I have to be honest: I've never really understood the whole wedding-cake-plastic-staircase thing. I mean, who first decided the wedding figurines might need to take a stroll down to one of the side cakes?

Not to mention this looks more like a video game level than a wedding cake.

"Ok, what you have to do is, hop over the leaf-shrooms, collect the heart rings, and then duke it out with the Moopa-Moosers down at the bottom. Oh, and watch out for the barrels."


Then, after providing this thoughtful pathway, the decorators go and make it completely inaccessible!

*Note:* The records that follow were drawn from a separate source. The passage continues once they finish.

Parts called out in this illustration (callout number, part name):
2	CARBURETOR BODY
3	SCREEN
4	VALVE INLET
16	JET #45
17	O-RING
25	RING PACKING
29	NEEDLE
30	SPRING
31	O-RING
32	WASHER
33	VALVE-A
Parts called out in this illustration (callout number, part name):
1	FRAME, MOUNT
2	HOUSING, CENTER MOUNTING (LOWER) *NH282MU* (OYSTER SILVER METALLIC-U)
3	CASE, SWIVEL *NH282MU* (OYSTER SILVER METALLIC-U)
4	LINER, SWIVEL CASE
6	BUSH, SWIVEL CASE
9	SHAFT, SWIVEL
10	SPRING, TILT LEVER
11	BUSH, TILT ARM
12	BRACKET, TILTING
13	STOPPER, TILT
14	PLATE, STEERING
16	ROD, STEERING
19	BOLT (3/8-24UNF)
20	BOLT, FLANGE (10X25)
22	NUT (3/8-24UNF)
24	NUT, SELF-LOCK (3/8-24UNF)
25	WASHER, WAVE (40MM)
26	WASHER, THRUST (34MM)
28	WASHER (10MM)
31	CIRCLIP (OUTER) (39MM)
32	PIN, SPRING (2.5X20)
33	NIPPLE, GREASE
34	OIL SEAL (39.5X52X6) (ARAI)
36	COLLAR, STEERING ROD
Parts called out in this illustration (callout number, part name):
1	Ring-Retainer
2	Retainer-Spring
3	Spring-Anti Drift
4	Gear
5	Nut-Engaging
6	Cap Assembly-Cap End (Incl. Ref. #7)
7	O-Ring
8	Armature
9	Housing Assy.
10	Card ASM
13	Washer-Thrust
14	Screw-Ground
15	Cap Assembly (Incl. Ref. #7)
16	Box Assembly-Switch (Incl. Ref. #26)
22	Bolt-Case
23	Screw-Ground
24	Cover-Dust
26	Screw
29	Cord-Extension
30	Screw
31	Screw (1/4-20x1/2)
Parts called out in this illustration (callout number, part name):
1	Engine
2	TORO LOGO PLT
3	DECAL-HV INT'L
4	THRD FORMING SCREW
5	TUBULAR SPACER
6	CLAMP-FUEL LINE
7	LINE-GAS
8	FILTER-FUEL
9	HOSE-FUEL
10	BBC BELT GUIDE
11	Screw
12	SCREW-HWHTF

How are they supposed to get down there?


Or battle their way through all that foliage?


Granted, I can't think of a better place to put your plastic deer collection.


Of course, it goes without saying that all this extra height means you have to put a clear plastic light-up fountain under the cake. (Don't bother questioning it. You just have to.)

Mmm. Drippy.


You know what, though? These cakes still don't have enough going on. What do you say in addition to the stairs, tiers, figurines, and light-up fountain, we cover everything in Louis Vuitton?

Ah, rampant materialism climbs to new heights. I like it.


But it's STILL not enough. Can we get a few dozen miniature bridal party dolls, a Barbie cake, a few bolts of tulle, and the Amazon rain forest in here now, guys?

No, no, don't take away the stairs, fountain, or multiple topper figurines; we need those.


All set? Alrighty, let's take a look.



Hey, Rafael S., Genevieve F., April L., Anony M., Marla B., & Elle J., you must admit: this thing is so gosh-darn tacky it's almost kind of awesome.